Exclude any images and output the remaining records exactly.

───

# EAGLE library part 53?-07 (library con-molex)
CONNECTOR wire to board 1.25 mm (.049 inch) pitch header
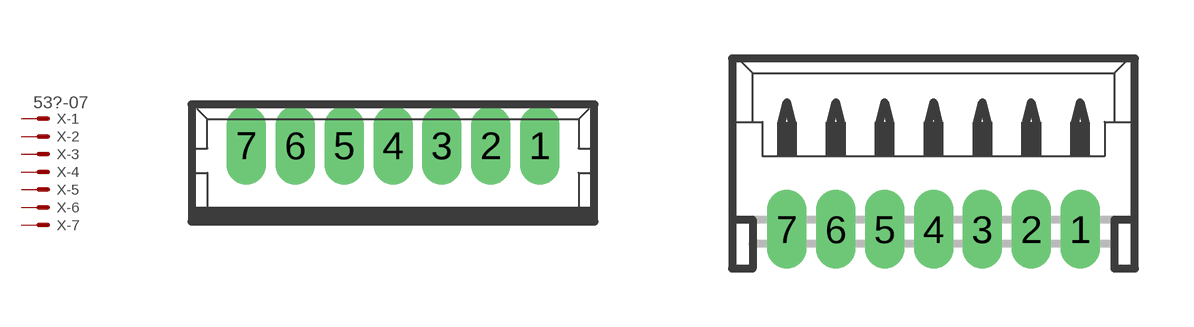
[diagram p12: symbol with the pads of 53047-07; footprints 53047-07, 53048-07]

Designator prefix X; gates -1=MV -2=M -3=M -4=M -5=M -6=M -7=M

## 53047-07 (MPN: 53047-0710-C; OC_FARNELL: 9732870; OC_NEWARK: 11M0149)  [53047-07]
1  -1:S  pas
2  -2:S  pas
3  -3:S  pas
4  -4:S  pas
5  -5:S  pas
6  -6:S  pas
7  -7:S  pas

## 53048-07 (MPN: 53048-0710; OC_FARNELL: 9732934; OC_NEWARK: 98K9835)  [53048-07]
Pads as for 53047-07

## 53261-07 (OC_FARNELL: 1125361; OC_NEWARK: unknown)  [53261-07]
Pads as for 53047-07

## 53398-07 (OC_FARNELL: 9786368; OC_NEWARK: unknown)  [53398-07]
Pads as for 53047-07

## Footprint 53047-07 (pad centres in mm)
CONNECTOR wire to board 1.25 mm (.049 inch) pitch header straight Sourcxe: http://www.molex.com/pdm_docs/sd/530470210_sd.pdf
drill 0.5 pad 0.698 long: 1 3.75,0.45; 2 2.5,0.45; 3 1.25,0.45; 4 0,0.45; 5 -1.25,0.45; 6 -2.5,0.45; 7 -3.75,0.45

## Footprint 53048-07 (pad centres in mm)
CONNECTOR wire to board 1.25 mm (.049 inch) pitch header right angle
drill 0.5 pad 0.698 long: 1 3.75,-1.25; 2 2.5,-1.25; 3 1.25,-1.25; 4 0,-1.25; 5 -1.25,-1.25; 6 -2.5,-1.25; 7 -3.75,-1.25

## Footprint 53261-07 (pad centres in mm)
CONNECTOR wire to board 1.25 mm (.049 inch) pitch header SMT right angle
smd 0.8 x 2: 1 3.75,-2.5; 2 2.5,-2.5; 3 1.25,-2.5; 4 0,-2.5; 5 -1.25,-2.5; 6 -2.5,-2.5; 7 -3.75,-2.5
smd 2.1 x 3: S1 6.25,0.625; S2 -6.25,0.625

## Footprint 53398-07 (pad centres in mm)
CONNECTOR wire to board 1.25 mm (.049 inch) pitch header SMT straight
smd 0.8 x 1.8: 1 3.75,-2.5; 2 2.5,-2.5; 3 1.25,-2.5; 4 0,-2.5; 5 -1.25,-2.5; 6 -2.5,-2.5; 7 -3.75,-2.5
smd 2.1 x 3: S1 6.25,0.625; S2 -6.25,0.625

───

Written solution -
# EAGLE library part 53?-07 (library con-molex)
CONNECTOR wire to board 1.25 mm (.049 inch) pitch header
[diagram p12: symbol with the pads of 53047-07; footprints 53047-07, 53048-07]

Designator prefix X; gates -1=MV -2=M -3=M -4=M -5=M -6=M -7=M

## 53047-07 (MPN: 53047-0710-C; OC_FARNELL: 9732870; OC_NEWARK: 11M0149)  [53047-07]
1  -1:S  pas
2  -2:S  pas
3  -3:S  pas
4  -4:S  pas
5  -5:S  pas
6  -6:S  pas
7  -7:S  pas

## 53048-07 (MPN: 53048-0710; OC_FARNELL: 9732934; OC_NEWARK: 98K9835)  [53048-07]
Pads as for 53047-07

## 53261-07 (OC_FARNELL: 1125361; OC_NEWARK: unknown)  [53261-07]
Pads as for 53047-07

## 53398-07 (OC_FARNELL: 9786368; OC_NEWARK: unknown)  [53398-07]
Pads as for 53047-07

## Footprint 53047-07 (pad centres in mm)
CONNECTOR wire to board 1.25 mm (.049 inch) pitch header straight Sourcxe: http://www.molex.com/pdm_docs/sd/530470210_sd.pdf
drill 0.5 pad 0.698 long: 1 3.75,0.45; 2 2.5,0.45; 3 1.25,0.45; 4 0,0.45; 5 -1.25,0.45; 6 -2.5,0.45; 7 -3.75,0.45

## Footprint 53048-07 (pad centres in mm)
CONNECTOR wire to board 1.25 mm (.049 inch) pitch header right angle
drill 0.5 pad 0.698 long: 1 3.75,-1.25; 2 2.5,-1.25; 3 1.25,-1.25; 4 0,-1.25; 5 -1.25,-1.25; 6 -2.5,-1.25; 7 -3.75,-1.25

## Footprint 53261-07 (pad centres in mm)
CONNECTOR wire to board 1.25 mm (.049 inch) pitch header SMT right angle
smd 0.8 x 2: 1 3.75,-2.5; 2 2.5,-2.5; 3 1.25,-2.5; 4 0,-2.5; 5 -1.25,-2.5; 6 -2.5,-2.5; 7 -3.75,-2.5
smd 2.1 x 3: S1 6.25,0.625; S2 -6.25,0.625

## Footprint 53398-07 (pad centres in mm)
CONNECTOR wire to board 1.25 mm (.049 inch) pitch header SMT straight
smd 0.8 x 1.8: 1 3.75,-2.5; 2 2.5,-2.5; 3 1.25,-2.5; 4 0,-2.5; 5 -1.25,-2.5; 6 -2.5,-2.5; 7 -3.75,-2.5
smd 2.1 x 3: S1 6.25,0.625; S2 -6.25,0.625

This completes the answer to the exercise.